Since the actual post you commented on, according to Ace hardware, was using disodium sulfate (Sodium pyrosulfate); it ought to have reverted back to
sulfuric acid as it absorbed water. It should also produce sodium hydrogen sulfate. In my reaction it is possible that pyrosulfate released sulfer
tri-oxide as the chocking gas I smelled.
But ... I would not have expected Copper-I-Oxide (Cu-O-Cu) to precipitate, and pure shiny copper to form on the surface of fluid as it boiled. (
There was no air, so it was basically boiling in a vacuum capped flask ). But, that's what I got as a result.
The reaction is a total surprise to me, and I think I may start another thread to examine the reaction if it's not easily explained.
The yellow copper precipitate, according to @woelen , is hydrated copper oxide.

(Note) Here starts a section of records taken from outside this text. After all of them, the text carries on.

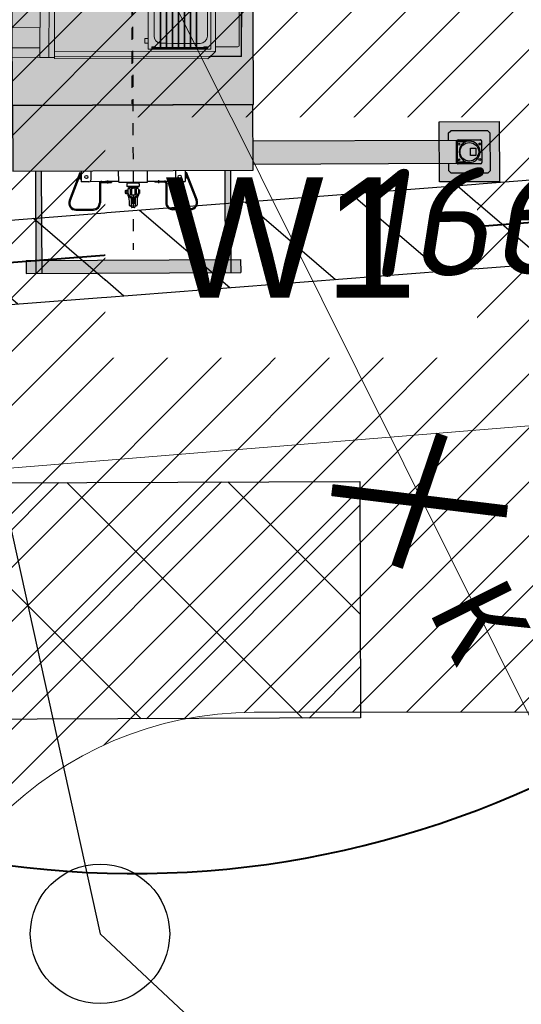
# Model space of a CAD drawing. Header units: millimetres. Extents: x 528565 to 529698, y -48331 to -46821.
# Tile 20 of 53: x 528973.91 to 528978.09, y -47343.56 to -47335.37. Entities that reach past the tile are written whole.
import ezdxf
from ezdxf.enums import TextEntityAlignment as Align

# ---------------------------------------------------------------- set-up
doc = ezdxf.new("R2010")
doc.units = ezdxf.units.MM
doc.linetypes.add('AI-Linetype-203', pattern=[2.3202209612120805, 1.784703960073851, -0.1785056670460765, 0.1785056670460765, -0.1785056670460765])
doc.linetypes.add('LU197', pattern=[9, 8, -1])
doc.layers.get('Defpoints').update_dxf_attribs({"color": 140})
for name, color, linetype, lineweight in [('!ПОС_траншея', 42, 'Continuous', 40), ('02 План', 7, 'Continuous', 25), ('1', 7, 'Continuous', 13), ('_ПР_КЛ_10', 10, 'ОПС_W2', 30), ('ELEKTROSET_', 6, 'LU1191', 9), ('KANALIZACIA', 1, 'LU197', 13), ('OTMETKI', 7, 'Continuous', 13), ('ГП ГП', 10, 'ОПС_W2', 30), ('электрика', 1, 'Continuous', 40), ('ЭС', 1, 'Continuous', 60)]:
    doc.layers.add(name, color=color, linetype=linetype, lineweight=lineweight)
doc.layers.add('ГП ОСИ', color=7, linetype='Continuous')
doc.layers.add('ГП СЕТИ', color=7, linetype='Continuous')
doc.styles.add('ESKD1', font='txt', dxfattribs={"width": 1.2, "oblique": 14.99430549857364})
doc.styles.add('GOST 2.304', font='CS_Gost2304.shx', dxfattribs={"oblique": 15})
doc.styles.add('SIMPLEX_K', font='txt')
doc.styles.get("Standard").update_dxf_attribs({"font": 'arial.ttf'})
doc.styles.add('Standard_k', font='simplex.shx', dxfattribs={"oblique": 10})
doc.styles.add('ОПС', font='arial.ttf')
doc.linetypes.add('LU1191', pattern='A,1,-2,0.29,[131,ltypeshp01.shx,S=1.3,R=180,X=0.9229999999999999,Y=0.65],0.29,[131,ltypeshp01.shx,S=1.3,R=180,X=1.3,Y=0.65],5,[131,ltypeshp01.shx,S=1.3,R=0,X=-1.3,Y=-0.65],0.58,[131,ltypeshp01.shx,S=1.3,R=0,X=-1.3,Y=-0.65],-2,3', length=14.16)
doc.linetypes.add('LU1193', pattern='A,1,-2,[131,ltypeshp01.shx,S=1.3,R=180,X=1.3,Y=0.65],6,[131,ltypeshp01.shx,S=1.3,R=0,X=-1.3,Y=-0.65],-2,3', length=14)
doc.linetypes.add('ОПС_W2', pattern='A,10,-0.5,["W2",ОПС,S=1,R=0,X=0,Y=-0.5],-2.5', length=13)
doc.linetypes.add('пути', pattern='A,3.81,[130,ltypeshp.shx,S=6.35,R=0,X=0,Y=0],3.81', length=7.62)
doc.dimstyles.new('ISO-25', dxfattribs={"dimtxt": 2.5, "dimasz": 2.5, "dimexe": 1.25, "dimexo": 0.625, "dimtad": 1, "dimtxsty": 'Standard', "dimcen": 2.5, "dimadec": 0, "dimazin": 0, "dimtfac": 1, "dimtmove": 0, "dimatfit": 3, "dimfxl": 0, "dimarcsym": 0})

# ---------------------------------------------------------------- blocks, each defined once
blk = doc.blocks.new('*U47')
at = {"lineweight": 30}
h = blk.add_hatch(dxfattribs=at)
h.set_pattern_fill('ANSI31', color=6, scale=4.999999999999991, angle=308.1633310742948, style=0)
h.set_pattern_definition([(353.1633310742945, (-0.3089526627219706, 0.3931262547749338), (0.074399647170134, 0.6205559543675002), [])])
h.paths.add_polyline_path([(0.216266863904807, -0.2751883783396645), (-8.432510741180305, -7.072146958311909), (-8.865044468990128, -6.52177020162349), (-0.2162668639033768, 0.2751883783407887)])
at = {"color": 6, "lineweight": 30}
for p, q in [((-0.2162668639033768, 0.2751883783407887), (-8.865044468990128, -6.52177020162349)), ((0.216266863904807, -0.2751883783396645), (-8.432510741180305, -7.072146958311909))]:
    blk.add_line(p, q, dxfattribs=at)
blk = doc.blocks.new('OSI_ZDAN')
at = {"layer": '_ПР_КЛ_10', "color": 0, "linetype": 'Continuous', "lineweight": 0}
blk.add_circle((0, 0), 3.2, dxfattribs=at)
at = {"layer": '_ПР_КЛ_10', "color": 0, "linetype": 'Continuous', "lineweight": 0, "style": 'ESKD1', "oblique": 14.99430549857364, "width": 1.2}
blk.add_attdef('NAME', text='', height=2.6, dxfattribs=at).set_placement((-0.3, 0), align=Align.MIDDLE_CENTER)
blk = doc.blocks.new('A$C7B8D562C')
h = blk.add_hatch()
h.set_pattern_fill('ANSI37', color=5, scale=0.5)
h.set_pattern_definition([(45, (0, 0), (-1.122532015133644, 1.122532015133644), []), (135, (0, 0), (-1.122532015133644, -1.122532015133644), [])])
h.paths.add_polyline_path([(42.87604725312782, 31.11884448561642), (40.36786101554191, 31.10685548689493), (40.35140835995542, 21.48633293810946), (42.19691430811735, 20.81187817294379), (42.8589030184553, 21.09392811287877)])
h.paths.add_polyline_path([(43.6760567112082, 31.11913691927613, -0.4142135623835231), (43.58870562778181, 31.20678728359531), (42.87619973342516, 31.20800578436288), (42.87604725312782, 31.11884448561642), (43.67606275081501, 31.12266851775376), (43.67620635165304, 31.20663764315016), (43.58870562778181, 31.20678728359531, 0.4142135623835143), (43.6760567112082, 31.11913691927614), (43.67606275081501, 31.12266851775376), (42.87604725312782, 31.11884448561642), (42.8589030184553, 21.09392811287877), (42.84962928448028, 15.67120675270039), (43.64974974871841, 15.73640891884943)])
h.paths.add_polyline_path([(42.85800748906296, 20.57027643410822), (40.35140835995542, 21.48633293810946), (40.34111395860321, 15.46678674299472), (42.84962928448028, 15.67120675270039)])
h.paths.add_polyline_path([(41.25465545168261, 19.65951104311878, -1), (41.42962045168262, 19.66309504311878, -1)], flags=16)
h.paths.add_polyline_path([(42.84962928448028, 15.67120675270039), (40.34111395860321, 15.46678674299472), (40.33880571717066, 14.11706610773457), (42.84699195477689, 14.12905510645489)])
h.paths.add_polyline_path([(43.64974974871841, 15.73640891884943), (42.84962928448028, 15.67120675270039), (42.84699195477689, 14.1290551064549), (43.64700745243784, 14.1328791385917)])
h.paths.add_polyline_path([(37.05643591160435, 19.80431048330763), (41.83567665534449, 19.82284435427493), (42.04602247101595, 21.17744944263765), (37.26678172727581, 21.15891557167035)], flags=9)
h.paths.add_polyline_path([(37.46629878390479, 16.411843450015), (42.24553952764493, 16.43037732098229), (42.45588534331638, 17.78498240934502), (37.67664459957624, 17.76644853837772)], flags=9)
at = {"layer": '_ПР_КЛ_10', "linetype": 'ByBlock', "lineweight": 0, "const_width": 0.1, "flags": 128}
for points in [[(38.46972493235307, 15.2992514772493), (38.09541763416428, 14.1989354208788)], [(37.55278536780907, 14.83777527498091), (39.01235719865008, 14.66041162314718)]]:
    blk.add_lwpolyline(points, dxfattribs=at)
at = {"layer": 'ELEKTROSET_', "linetype": 'LU1193', "flags": 128}
blk.add_lwpolyline([(14.30223000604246, 14.6397980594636), (14.25185618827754, 13.34076173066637), (43.64974974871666, 15.73640891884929)], dxfattribs=at)
at = {"layer": 'KANALIZACIA'}
blk.add_line((31.73573597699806, 27.94035318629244), (43.81564220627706, 3.683484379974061), dxfattribs=at)
at = {"layer": 'ГП СЕТИ', "color": 25}
for p, q in [((34.35450869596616, 16.90339375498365), (35.6228607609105, 11.14578672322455)), ((35.6228607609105, 11.14578672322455), (37.69825168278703, 9.209906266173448))]:
    blk.add_line(p, q, dxfattribs=at)
blk.add_circle((35.6228607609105, 11.14578672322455), 0.58, dxfattribs=at)
at = {"layer": 'ГП ОСИ', "color": 5, "linetype": 'Continuous', "lineweight": 30, "ltscale": 0.4807692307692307, "xscale": 0.4807692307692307, "yscale": 0.4807692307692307, "zscale": 0.4807692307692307}
blk.add_blockref('OSI_ZDAN', (40.33041694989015, 9.211819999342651), dxfattribs=at).add_auto_attribs({'NAME': 'Г'})
at = {"layer": 'KANALIZACIA', "linetype": 'Continuous', "lineweight": 13, "style": 'SIMPLEX_K'}
blk.add_text('К', height=0.700006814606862, rotation=296.4732772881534, dxfattribs=at).set_placement((38.78534814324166, 13.75279312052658), align=Align.MIDDLE)
at = {"layer": 'OTMETKI', "style": 'Standard_k', "oblique": 10}
blk.add_text('166.34', height=0.9000087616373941, rotation=1.173488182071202, dxfattribs=at).set_placement((37.70869193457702, 17.50237332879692), align=Align.TOP_LEFT)
blk = doc.blocks.new('кабина_сверху_55713')
blk.add_hatch(color=40).paths.add_polyline_path([(-2512.000000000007, 341.9999999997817), (-2512.000000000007, 353.0520242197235), (-2503, 353.0520242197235), (-2503.000000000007, 405.0520242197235), (-2564.944039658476, 405.0520242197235), (-2564.982217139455, 425.139831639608), (-2572.519081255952, 425.132030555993), (-2572.609546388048, 512.5331456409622), (-2560.000000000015, 512.5461972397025), (-2560.000000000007, 691.7621169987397), (-2569.790402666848, 691.7621169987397), (-2569.79040266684, 1200.000000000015), (-3245.242671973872, 1200.000000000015, 0.1127220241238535), (-3245.242671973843, -1200.000000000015), (-2569.790402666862, -1200.000000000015), (-2569.79040266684, -341.9666332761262), (-1625.11763356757, -342.0000000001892), (-1625.117633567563, -1232.000000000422), (-644.5483605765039, -1232.000000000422), (-644.5483605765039, -1242.191115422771), (633.7996093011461, -1242.191115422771), (653.7519837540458, -1222.238740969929), (913.3767416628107, -1222.238740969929), (913.3767416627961, -299.9999999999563), (1500.000000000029, -299.9999999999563), (1500.000000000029, 300.0000000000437), (710, 300.0000000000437), (710, 804.9999999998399), (-355, 805.0000000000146), (-685.0106382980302, 341.9999999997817)])
at = {"linetype": 'AI-Linetype-203'}
blk.add_line((-2.91038304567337e-11, 1616.226126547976), (2.91038304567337e-11, -1616.226126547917), dxfattribs=at)
at = {"lineweight": 20, "ltscale": 5}
for p, q in [((-690, -322.0000000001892), (-690, -1232.000000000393)), ((-765, -341.874979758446), (-765, -1232.000000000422)), ((-765, -985.3600503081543), (-1359.999999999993, -985.3600503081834)), ((-1439.999999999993, -1152.000000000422), (-765.0000000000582, -1152.000000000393)), ((-765.0000000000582, -1232.000000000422), (-1439.999999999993, -1232.000000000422)), ((-765.0000000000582, -1232.000000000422), (-690.0000000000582, -1232.000000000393)), ((-689.9999999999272, -1232.000000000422), (-644.5483605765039, -1232.000000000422))]:
    blk.add_line(p, q, dxfattribs=at)
at = {"lineweight": 20}
for p, q in [((-644.5483605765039, -1242.191115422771), (-644.5483605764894, -352.2863665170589)), ((908.6102886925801, -1218.831850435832), (908.6102886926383, -375.8318504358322)), ((913.3767416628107, -1222.238740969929), (913.3767416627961, -372.3701594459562)), ((135.4516394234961, -1162.2387409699), (135.4516394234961, -432.2387409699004)), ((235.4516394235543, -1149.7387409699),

http://woelen.homescience.net/science/chem/solutions/cu.html
But Woelen also says that copper I complexes are unstable/don't exist in aqueous solution.
That begs the question as to what that red complex actually is, since it only exists for a short time when the solution has been cooled -- and it's
transistioning from a copper-sulfate, to a hydrated copper oxide VIA a pyrosulfate... Wouldn't the pyrosulfate be absorbing any molecules of hydration
(temporarily) before the yellow precipitate formed ??
I'll bump woelen, to see if he has any comments.
I now have good potassium nitrate and am trying the original recepie instead of the pyro-sulfate. My results are different from pyrosulfate with
lots of interesting things happening. I've even tried raising the solution to the boiling point because of your anecdote ... but the results I'm
getting suggest that copper II nitrate is not as stable as either basic copper nitrate, or an alcohol substitution of some kind. Getting this
reaction to go to proper completion is not easy.
I suppose the important question is "how fast" does Cu(NO3)2 break down at various temperatures? Wikipedia's data might be the onset occurs, but it
might not be a fast breakdown until much higher temperatures. They don't specify how it was measured... so I don't know how significant their number
is.
Did you do any kind of test on the steam vapors, or weighing the remaining crystal, to make sure there wasn't significantt loss of NO3?
-------------------------------------------------------------------
Edit: See links ... I think you are right in general,: I found some thermal degradation studies and they show breakdown begin around 380Kelvin =
106C according to DTGA analysis.
http://glenchung.bol.ucla.edu/labglen/CuNo32.pdf
There's only one study which lists the breakdown product at lower temperatures... and several of these studies are at reduced pressure; not
atmospheric. ( Table I ).
http://carbonlett.org/Upload/files/CARBONLETT/5(4)-04(E).pdf
[Edited on 2-2-2018 by semiconductive]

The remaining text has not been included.